We also arrived in autumn 2012 and therefore will not submit a Spanish tax return until June 2014 for 2013. However does anyone know please if we need to declare our foreign assets before the end of April 2013 or do we not enter the Spanish system at all until the following year.
Very grateful for any assistance, thanks very much.


----------



## Jeannie49 (Dec 17, 2009)

Im also confused. I have been resident since 2008 and rented out my UK property. I was told by 2 asesorias that I fill out tax form and pay tax in the UK which is what I have done and therefore dont need to complete tax form here. Now having completed by asset declaration form I have been told by a different asesoria that I will be fined for not filling in a tax form for the last 3 tax years.


----------



## fyfin (Mar 17, 2013)

Jeannie49 said:


> Im also confused. I have been resident since 2008 and rented out my UK property. I was told by 2 asesorias that I fill out tax form and pay tax in the UK which is what I have done and therefore dont need to complete tax form here. Now having completed by asset declaration form I have been told by a different asesoria that I will be fined for not filling in a tax form for the last 3 tax years.


As I understand it you have to declare it both to HMRC in UK and also to the Spanish Tax Authority, but you will only pay tax on the income once due to the double taxation treaty. I am in that position as from last December and that is what I have been told by tax experts in Mojacar.


----------



## StevejR1 (May 21, 2013)

An interesting thread....

.....I'm also thinking of moving to Spain, but keeping my house in the UK to rent out.

As a rough guide I should think the total income would be £14,500, but agency fees and expenses would bring that down to £8,000+(??) 

I gather that I'll then have to do a tax return in the UK, and Spain, and be taxed accordingly.

But what is this 'foreign asset tax/declaration' ?

Is there an allowance figure that you are allowed before you are taxed? And what is the tax rate?

My property in the UK would probably be valued at £320-380,000 at present.


----------



## CapnBilly (Jun 7, 2011)

Jeannie49 said:


> Im also confused. I have been resident since 2008 and rented out my UK property. I was told by 2 asesorias that I fill out tax form and pay tax in the UK which is what I have done and therefore dont need to complete tax form here. Now having completed by asset declaration form I have been told by a different asesoria that I will be fined for not filling in a tax form for the last 3 tax years.


You should have been completing a tax form, although the ironic things is, depending upon your situation, you may not have paid any additional tax. I think the fine for not submitting a return where no tax is payable is €100.


----------



## fyfin (Mar 17, 2013)

Steve.R said:


> An interesting thread....
> 
> .....I'm also thinking of moving to Spain, but keeping my house in the UK to rent out.
> 
> ...


That's a lot of fees and expenses so I'm guessing you have a mortgage.
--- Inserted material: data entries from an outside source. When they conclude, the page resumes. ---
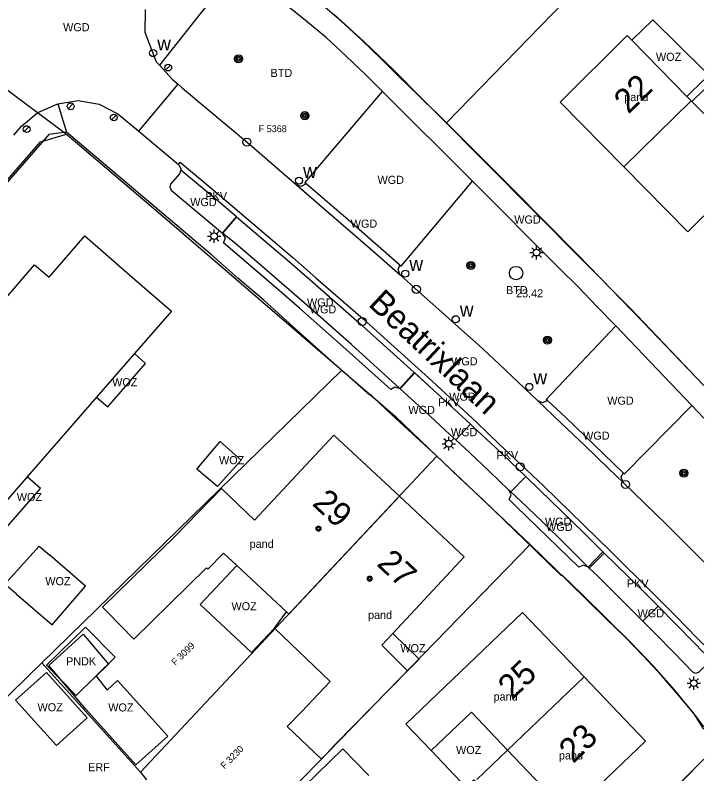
# Model space of a CAD drawing. Extents: x 198240 to 198429, y 356553 to 356721.
# Drawn here: x 198378.2 to 198429.3, y 356582.9 to 356639.1 of the extents above; entities that cross this region are included whole.
import ezdxf

# ---------------------------------------------------------------- set-up
doc = ezdxf.new("R2010")
doc.units = 0
for name, color, linetype in [('(presentatie) Code PNDK (symbool) (zonder attributen) niet in de presentatietabel', 7, 'Continuous'), ('Afsluitpaal', 7, 'Continuous'), ('begroeid terreindeel kenmerkpunt', 7, 'Continuous'), ('bijgebouw', 7, 'Continuous'), ('BOOM', 7, 'Continuous'), ('grens individueel parkeervak', 7, 'Continuous'), ('Grens maaiveld', 7, 'Continuous'), ('grens WOZ object', 7, 'Continuous'), ('hoofdgebouw', 7, 'Continuous'), ('Hoogtepunt', 7, 'Continuous'), ('huisnummerreeks BGT', 7, 'Continuous'), ('identificerend kenmerkpunt pand', 7, 'Continuous'), ('identificerend kenmerkpunt parkeervak', 7, 'Continuous'), ('identificerend kenmerkpunt WOZ object', 7, 'Continuous'), ('Inspectieput_rioolput', 7, 'Continuous'), ('kant verharding', 7, 'Continuous'), ('kolk', 7, 'Continuous'), ('LICHTMAST', 7, 'Continuous'), ('onbegroeid terreindeel kenmerkpunt', 7, 'Continuous'), ('openbare ruimte label tekst', 7, 'Continuous'), ('Perceelnummer', 7, 'Continuous'), ('perceelsgrens_definitief', 7, 'Continuous'), ('tussenmuur', 7, 'Continuous'), ('vlakafsluiter', 7, 'Continuous'), ('waterleidingput', 7, 'Continuous'), ('wegdeel kenmerkpunt', 7, 'Continuous'), ('weginrichtingselement lijn', 7, 'Continuous'), ('WOZ object als punt', 7, 'Continuous')]:
    doc.layers.add(name, color=color, linetype=linetype)

msp = doc.modelspace()

# ---------------------------------------------------------------- linework, layer by layer
at = {"layer": 'Afsluitpaal'}
for p, q in [((198389.752, 356635.373), (198389.402, 356635.016)), ((198382.523, 356632.501), (198382.173, 356632.144)), ((198385.717, 356631.672), (198385.367, 356631.315)), ((198379.266, 356630.817), (198378.916, 356630.46))]:
    msp.add_line(p, q, dxfattribs=at)
for centre in [(198389.579, 356635.193), (198382.35, 356632.321), (198385.544, 356631.492), (198379.093, 356630.637)]:
    msp.add_circle(centre, 0.25, dxfattribs=at)
at = {"layer": 'bijgebouw'}
msp.add_lwpolyline([(198404.433, 356582.738), (198402.513, 356584.711), (198393.844, 356576.278)], dxfattribs=at)
at = {"layer": 'BOOM'}
for centre, radius in [((198394.789, 356635.842), 0.3), ((198394.789, 356635.842), 0.2), ((198394.789, 356635.842), 0.1), ((198399.701, 356631.63), 0.3), ((198399.701, 356631.63), 0.2), ((198399.701, 356631.63), 0.1), ((198412, 356620.53), 0.3), ((198412, 356620.53), 0.2), ((198412, 356620.53), 0.1), ((198417.666, 356614.998), 0.3), ((198417.666, 356614.998), 0.2), ((198417.666, 356614.998), 0.1), ((198427.773, 356605.142), 0.3), ((198427.773, 356605.142), 0.2), ((198427.773, 356605.142), 0.1)]:
    msp.add_circle(centre, radius, dxfattribs=at)
at = {"layer": 'grens individueel parkeervak'}
for p, q in [((198393.611, 356622.929), (198394.644, 356624.13)), ((198406.736, 356611.407), (198407.804, 356612.596)), ((198407.804, 356612.596), (198408.885, 356611.623)), ((198408.885, 356611.623), (198411.957, 356608.785)), ((198411.957, 356608.785), (198410.875, 356607.614)), ((198416.055, 356604.889), (198414.957, 356603.76)), ((198420.762, 356598.101), (198421.877, 356599.222)), ((198425.862, 356595.279), (198424.743, 356594.175))]:
    msp.add_line(p, q, dxfattribs=at)
at = {"layer": 'Grens maaiveld'}
for p, q in [((198387.401, 356630.486), (198390.303, 356633.969)), ((198412.108, 356626.778), (198405.457, 356633.424)), ((198394.647, 356624.128), (198393.611, 356622.929)), ((198394.644, 356624.13), (198394.647, 356624.128)), ((198428.353, 356610.158), (198422.727, 356616.058)), ((198407.835, 356612.568), (198406.758, 356611.387)), ((198407.804, 356612.596), (198407.835, 356612.568)), ((198407.835, 356612.568), (198408.885, 356611.623)), ((198421.782, 356599.316), (198420.673, 356598.187)), ((198421.782, 356599.316), (198421.877, 356599.222))]:
    msp.add_line(p, q, dxfattribs=at)
for points in [[(198390.351, 356628.02), (198390.474, 356628.186), (198393.38, 356625.746), (198398.817, 356621.126), (198400.515, 356619.62), (198404.027, 356616.565), (198409.139, 356611.949), (198412.449, 356608.888), (198414.07, 356607.327), (198415.701, 356605.794), (198417.373, 356604.2), (198422.346, 356599.356), (198425.506, 356596.239), (198427.177, 356594.549), (198428.749, 356592.925), (198429.251, 356592.414)], [(198394.647, 356624.128), (198398.552, 356620.797), (198400.287, 356619.294), (198403.74, 356616.251), (198407.804, 356612.596)], [(198416.055, 356604.889), (198417.102, 356603.887), (198420.322, 356600.761), (198421.782, 356599.316)], [(198382.763, 356588.673), (198385.648, 356591.501), (198383.456, 356593.736), (198380.572, 356590.908), (198382.763, 356588.673)]]:
    msp.add_lwpolyline(points, dxfattribs=at)
at = {"layer": 'grens WOZ object'}
for p, q in [((198428.372, 356632.684), (198429.251, 356633.549)), ((198391.948, 356595.404), (198394.663, 356598.297)), ((198395.738, 356591.846), (198391.948, 356595.404)), ((198397.445, 356593.664), (198395.738, 356591.846)), ((198412.437, 356582.444), (198414.721, 356584.63))]:
    msp.add_line(p, q, dxfattribs=at)
for points in [[(198423.912, 356637.214), (198425.477, 356638.743), (198429.251, 356635.003)], [(198429.251, 356634.286), (198428.004, 356633.058)], [(198384.269, 356610.774), (198385.099, 356610.052), (198387.904, 356613.278), (198387.074, 356614)], [(198391.701, 356605.434), (198393.43, 356607.5), (198394.985, 356606.117), (198393.222, 356604.147), (198391.701, 356605.434)], [(198376.42, 356601.748), (198377.399, 356600.897), (198380.113, 356604.018), (198379.134, 356604.869)], [(198378.332, 356596.184), (198377.486, 356596.927), (198380.014, 356599.745), (198380.819, 356599.057)], [(198378.332, 356596.184), (198380.974, 356593.898), (198383.461, 356596.771), (198380.819, 356599.057)], [(198383.475, 356587.665), (198380.724, 356590.901), (198383.272, 356593.219), (198385.145, 356590.982), (198384.231, 356590.1), (198385.044, 356589.073)], [(198407.305, 356590.49), (198408.161, 356591.371), (198406.214, 356593.274)], [(198380.563, 356590.378), (198383.579, 356587.014), (198381.293, 356584.965), (198378.277, 356588.329), (198380.563, 356590.378)], [(198383.475, 356587.665), (198387.187, 356583.535), (198389.545, 356585.651), (198385.833, 356589.781), (198385.044, 356589.073)], [(198409.054, 356584.582), (198411.65, 356581.864), (198412.216, 356582.419), (198412.308, 356582.321)]]:
    msp.add_lwpolyline(points, dxfattribs=at)
at = {"layer": 'hoofdgebouw'}
for p, q in [((198423.912, 356637.214), (198428.004, 356633.058)), ((198428.004, 356633.058), (198428.318, 356632.739)), ((198428.372, 356632.684), (198428.318, 356632.739)), ((198428.372, 356632.684), (198429.251, 356631.791)), ((198387.106, 356619.502), (198389.812, 356617.148)), ((198389.812, 356617.148), (198387.074, 356614)), ((198387.074, 356614), (198384.269, 356610.774)), ((198384.269, 356610.774), (198379.134, 356604.869)), ((198379.134, 356604.869), (198376.42, 356601.748)), ((198393.684, 356599.212), (198394.663, 356598.297)), ((198394.663, 356598.297), (198398.338, 356594.861)), ((198385.074, 356594.841), (198387.025, 356592.851)), ((198397.445, 356593.664), (198398.338, 356594.861)), ((198405.392, 356592.395), (198406.214, 356593.274)), ((198407.305, 356590.49), (198405.392, 356592.395)), ((198401.981, 356585.072), (198407.305, 356590.49))]:
    msp.add_line(p, q, dxfattribs=at)
for points in [[(198423.328, 356627.83), (198418.602, 356632.63), (198423.566, 356637.565), (198423.912, 356637.214)], [(198423.328, 356627.83), (198428.055, 356623.028), (198429.251, 356624.217)], [(198360.274, 356583.182), (198357.56, 356580.061), (198351.153, 356585.634), (198353.818, 356588.702), (198352.758, 356589.611), (198356.269, 356593.637), (198357.324, 356592.737), (198361.192, 356597.186), (198360.148, 356598.119), (198363.635, 356602.123), (198364.703, 356601.223), (198369.86, 356607.147), (198368.781, 356608.057), (198372.281, 356612.093), (198373.369, 356611.185), (198377.239, 356615.604), (198376.168, 356616.531), (198379.668, 356620.576), (198380.75, 356619.653), (198383.405, 356622.721), (198387.106, 356619.502)], [(198406.698, 356603.432), (198401.85, 356607.965), (198395.961, 356601.666)], [(198395.961, 356601.666), (198393.536, 356604.004), (198390.102, 356600.479), (198384.72, 356595.202), (198385.074, 356594.841)], [(198406.214, 356593.274), (198411.508, 356598.935), (198406.698, 356603.432)], [(198387.025, 356592.851), (198392.407, 356598.128), (198392.518, 356598.036), (198393.684, 356599.212)], [(198420.379, 356590.045), (198415.818, 356594.814), (198407.174, 356586.548), (198409.054, 356584.582)], [(198399.458, 356587.46), (198401.569, 356589.712), (198397.445, 356593.664)], [(198414.721, 356584.63), (198419.264, 356579.863), (198424.933, 356585.283), (198420.379, 356590.045)], [(198401.981, 356585.072), (198400.944, 356583.951), (198398.386, 356586.376), (198399.458, 356587.46)], [(198414.721, 356584.63), (198412.038, 356587.436), (198409.054, 356584.582)]]:
    msp.add_lwpolyline(points, dxfattribs=at)
at = {"layer": 'Inspectieput_rioolput'}
msp.add_circle((198415.345, 356619.967), 0.5, dxfattribs=at)
at = {"layer": 'kant verharding'}
for p, q in [((198387.401, 356630.486), (198390.351, 356628.02)), ((198406.758, 356611.387), (198406.736, 356611.407)), ((198414.957, 356603.76), (198414.818, 356603.89)), ((198420.762, 356598.101), (198420.673, 356598.187))]:
    msp.add_line(p, q, dxfattribs=at)
for points in [[(198429.251, 356611.63), (198423.819, 356617.345), (198409.544, 356631.708), (198408.091, 356633.148), (198406.605, 356634.587), (198405.359, 356635.839), (198403.884, 356637.248), (198402.388, 356638.638), (198400.833, 356639.97), (198393.74, 356645.683)], [(198405.457, 356633.424), (198404.207, 356634.656), (198402.756, 356636.046), (198401.298, 356637.391), (198399.756, 356638.679), (198394.727, 356642.73), (198388.921, 356635.368)], [(198388.921, 356635.368), (198388.706, 356635.6), (198387.879, 356637.792), (198387.884, 356639.508)], [(198388.921, 356635.368), (198389.879, 356634.336), (198390.303, 356633.969)], [(198390.303, 356633.969), (198390.646, 356633.671), (198395.594, 356629.511), (198399.076, 356626.51)], [(198399.794, 356626.571), (198399.707, 356626.646), (198405.457, 356633.424)], [(198378.133, 356630.181), (198378.722, 356630.856), (198379.929, 356631.864), (198381.394, 356632.501)], [(198381.394, 356632.501), (198382.909, 356632.765), (198384.458, 356632.488), (198385.857, 356631.776), (198387.401, 356630.486)], [(198382.054, 356630.413), (198380.73, 356630.231), (198344.191, 356588.273)], [(198429.251, 356586.163), (198428.533, 356587.306), (198427.059, 356589.105), (198425.554, 356590.824), (198423.841, 356592.587), (198422.054, 356594.368), (198420.263, 356596.131), (198418.74, 356597.61), (198418.684, 356597.56), (198416.787, 356599.424), (198412.901, 356603.163), (198411.158, 356604.8), (198409.368, 356606.497), (198407.657, 356608.089), (198405.801, 356609.79), (198404.573, 356610.98), (198404.508, 356610.918), (198402.536, 356612.682), (198400.516, 356614.473), (198398.571, 356616.223), (198396.659, 356617.972), (198394.731, 356619.585), (198392.786, 356621.33), (198382.054, 356630.413)], [(198390.351, 356628.02), (198390.534, 356627.659), (198390.507, 356627.59)], [(198390.507, 356627.59), (198390.403, 356627.322), (198389.759, 356626.559), (198389.689, 356626.348), (198389.807, 356626.113), (198393.611, 356622.929)], [(198394.644, 356624.13), (198393.131, 356625.407), (198390.507, 356627.59)], [(198406.743, 356620.544), (198406.825, 356620.476), (198412.108, 356626.778)], [(198422.727, 356616.058), (198421.324, 356617.489), (198419.957, 356618.916), (198418.514, 356620.35), (198412.108, 356626.778)], [(198399.794, 356626.571), (198399.424, 356626.383), (198399.076, 356626.51)], [(198399.076, 356626.51), (198400.741, 356625.063), (198404.376, 356621.927), (198406.764, 356619.84)], [(198406.743, 356620.544), (198404.729, 356622.319), (198402.899, 356623.906), (198399.794, 356626.571)], [(198406.758, 356611.387), (198406.365, 356611.514), (198406.061, 356611.341), (198402.761, 356614.308), (198399.298, 356617.361), (198397.596, 356618.846), (198393.68, 356622.21), (198393.81, 356622.554), (198393.611, 356622.929)], [(198406.736, 356611.407), (198403.153, 356614.683), (198399.647, 356617.764), (198396.145, 356620.789), (198394.601, 356622.108), (198393.611, 356622.929)], [(198406.764, 356619.84), (198406.601, 356620.23), (198406.743, 356620.544)], [(198406.764, 356619.84), (198408.114, 356618.611), (198409.623, 356617.277), (198411.103, 356615.939), (198412.586, 356614.617), (198414.071, 356613.249), (198416.967, 356610.501)], [(198417.676, 356610.523), (198417.585, 356610.6), (198422.727, 356616.058)], [(198410.875, 356607.614), (198410.442, 356608.018), (198408.98, 356609.362), (198406.758, 356611.387)], [(198417.676, 356610.523), (198417.312, 356610.35), (198416.967, 356610.501)], [(198416.967, 356610.501), (198418.668, 356608.867), (198420.467, 356607.157), (198422.176, 356605.508), (198423.279, 356604.461)], [(198423.272, 356605.163), (198422.544, 356605.881), (198419.02, 356609.266), (198417.676, 356610.523)], [(198423.272, 356605.163), (198423.364, 356605.094), (198428.353, 356610.158)], [(198428.353, 356610.158), (198429.251, 356609.211)], [(198416.055, 356604.889), (198413.83, 356607.034), (198412.177, 356608.581), (198411.957, 356608.785)], [(198414.818, 356603.89), (198413.368, 356605.259), (198411.917, 356606.643), (198410.875, 356607.614)], [(198423.279, 356604.461), (198423.13, 356604.836), (198423.272, 356605.163)], [(198423.279, 356604.461), (198426.468, 356601.352), (198429.251, 356598.568)], [(198420.673, 356598.187), (198420.308, 356598.332), (198419.984, 356598.175), (198416.909, 356601.174), (198415.317, 356602.709), (198414.834, 356603.184), (198414.984, 356603.525), (198414.818, 356603.89)], [(198420.673, 356598.187), (198418.992, 356599.876), (198417.293, 356601.53), (198415.671, 356603.088), (198414.957, 356603.76)], [(198425.862, 356595.279), (198425.221, 356595.929), (198423.654, 356597.485), (198421.877, 356599.222)], [(198424.743, 356594.175), (198424.243, 356594.68), (198422.818, 356596.095), (198421.388, 356597.499), (198420.762, 356598.101)], [(198429.251, 356591.826), (198428.484, 356592.618), (198425.862, 356595.279)], [(198429.251, 356590.76), (198428.855, 356590.38), (198428.626, 356590.299), (198428.426, 356590.389), (198427.052, 356591.822), (198425.646, 356593.263), (198424.743, 356594.175)], [(198398.992, 356553.702), (198424.254, 356578.89), (198429.251, 356583.945)]]:
    msp.add_lwpolyline(points, dxfattribs=at)
at = {"layer": 'kolk'}
for centre in [(198395.405, 356629.673), (198407.955, 356618.764), (198403.943, 356616.375), (198415.642, 356605.618), (198423.454, 356604.309)]:
    msp.add_circle(centre, 0.3, dxfattribs=at)
at = {"layer": 'LICHTMAST'}
for p, q in [((198392.482, 356622.698), (198392.732, 356622.698)), ((198392.805, 356622.875), (198392.628, 356623.052)), ((198392.982, 356622.948), (198392.982, 356623.198)), ((198393.159, 356622.875), (198393.336, 356623.052)), ((198393.232, 356622.698), (198393.482, 356622.698)), ((198392.628, 356622.344), (198392.805, 356622.521)), ((198392.982, 356622.198), (198392.982, 356622.448)), ((198393.336, 356622.344), (198393.159, 356622.521)), ((198416.685, 356621.662), (198416.508, 356621.839)), ((198416.862, 356621.735), (198416.862, 356621.985)), ((198417.039, 356621.662), (198417.216, 356621.839)), ((198416.362, 356621.485), (198416.612, 356621.485)), ((198416.508, 356621.131), (198416.685, 356621.308)), ((198416.862, 356620.985), (198416.862, 356621.235)), ((198417.216, 356621.131), (198417.039, 356621.308)), ((198417.112, 356621.485), (198417.362, 356621.485)), ((198410.181, 356607.504), (198410.004, 356607.681)), ((198410.358, 356607.577), (198410.358, 356607.827)), ((198410.535, 356607.504), (198410.712, 356607.681)), ((198409.858, 356607.327), (198410.108, 356607.327)), ((198410.004, 356606.973), (198410.181, 356607.15)), ((198410.358, 356606.827), (198410.358, 356607.077)), ((198410.712, 356606.973), (198410.535, 356607.15)), ((198410.608, 356607.327), (198410.858, 356607.327)), ((198428.514, 356589.829), (198428.514, 356590.079)), ((198428.014, 356589.579), (198428.264, 356589.579)), ((198428.337, 356589.756), (198428.16, 356589.933)), ((198428.691, 356589.756), (198428.868, 356589.933)), ((198428.764, 356589.579), (198429.014, 356589.579)), ((198428.16, 356589.225), (198428.337, 356589.402)), ((198428.514, 356589.079), (198428.514, 356589.329)), ((198428.868, 356589.225), (198428.691, 356589.402))]:
    msp.add_line(p, q, dxfattribs=at)
for centre in [(198392.982, 356622.698), (198416.862, 356621.485), (198410.358, 356607.327), (198428.514, 356589.579)]:
    msp.add_circle(centre, 0.25, dxfattribs=at)
at = {"layer": 'perceelsgrens_definitief'}
for points in [[(198410.2, 356631.088), (198424.066, 356645.393)], [(198408.397, 356632.877), (198406.267, 356635.018), (198404.086, 356637.108), (198401.857, 356639.146)], [(198372.192, 356637.612), (198382.048, 356630.256)], [(198410.2, 356631.088), (198408.397, 356632.877)], [(198429.251, 356611.64), (198424.754, 356616.33), (198419.937, 356621.283), (198415.086, 356626.203), (198410.2, 356631.088)], [(198344.27, 356586.164), (198344.308, 356588.473), (198380.117, 356629.684), (198382.048, 356630.256)], [(198382.048, 356630.256), (198389.679, 356623.767), (198402.434, 356612.775)], [(198402.434, 356612.775), (198380.205, 356591.088)], [(198402.434, 356612.775), (198406.392, 356609.366), (198409.477, 356606.392)], [(198387.513, 356582.994), (198409.477, 356606.392)], [(198409.477, 356606.392), (198416.379, 356599.858)], [(198393.504, 356576.321), (198416.379, 356599.858)], [(198422.026, 356594.351), (198419.212, 356597.114), (198416.379, 356599.858)], [(198428.623, 356587.179), (198427.386, 356588.687), (198426.107, 356590.16), (198424.787, 356591.595), (198423.426, 356592.993), (198422.026, 356594.351)], [(198358.164, 356569.531), (198380.205, 356591.088)], [(198380.205, 356591.088), (198387.513, 356582.994)], [(198429.251, 356586.345), (198428.623, 356587.179)], [(198407.251, 356562.099), (198429.251, 356583.95)], [(198387.513, 356582.994), (198387.979, 356582.417)]]:
    msp.add_lwpolyline(points, dxfattribs=at)
at = {"layer": 'tussenmuur'}
for p, q in [((198428.318, 356632.739), (198423.328, 356627.83)), ((198420.379, 356590.045), (198414.721, 356584.63))]:
    msp.add_line(p, q, dxfattribs=at)
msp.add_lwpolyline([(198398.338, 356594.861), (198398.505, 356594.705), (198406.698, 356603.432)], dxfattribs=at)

I am lucky that I do not have to use an agency as I have seen how they operate and it doesn't seem to be in your favour. Of course, if you have no other sensible option then that's all you can do.

As regards the asset reporting there has been a lot of speculation but as far as I am aware there is no new tax on assets apart from Wealth tax which was re-instated last year after having been abolished in 2008. The allowance is high at €700,000 so unless you have other assets you wouldn't pay any tax. Also it is an individual allowance so if the assets are jointly owned you each get the allowance and only declare half the asset. The tax rates are very low e.g. .2% but I suppose the danger is that once the Hacienda has all the data they could lower the threshold from €700,000 to a much lower figure and collect more taxes!

This link is helpful http://www.financespain.com/images/Expatriates_Financial_Guide_Spain.pdf


----------



## snikpoh (Nov 19, 2007)

fyfin said:


> That's a lot of fees and expenses so I'm guessing you have a mortgage. I am lucky that I do not have to use an agency as I have seen how they operate and it doesn't seem to be in your favour. Of course, if you have no other sensible option then that's all you can do.
> 
> As regards the asset reporting there has been a lot of speculation but as far as I am aware there is no new tax on assets apart from Wealth tax which was re-instated last year after having been abolished in 2008. The allowance is high at €700,000 so unless you have other assets you wouldn't pay any tax. Also it is an individual allowance so if the assets are jointly owned you each get the allowance and only declare half the asset. The tax rates are very low e.g. .2% but I suppose the danger is that once the Hacienda has all the data they could lower the threshold from €700,000 to a much lower figure and collect more taxes!
> 
> This link is helpful http://www.financespain.com/images/Expatriates_Financial_Guide_Spain.pdf


Just to be pedantic, wealth tax has always been there - it was NEVER abolished. What they did was to set the tax rate to 0% so that this could be raised without the need to go through parliament to introduce a 'new' tax.


----------



## fyfin (Mar 17, 2013)

snikpoh said:


> Just to be pedantic, wealth tax has always been there - it was NEVER abolished. What they did was to set the tax rate to 0% so that this could be raised without the need to go through parliament to introduce a 'new' tax.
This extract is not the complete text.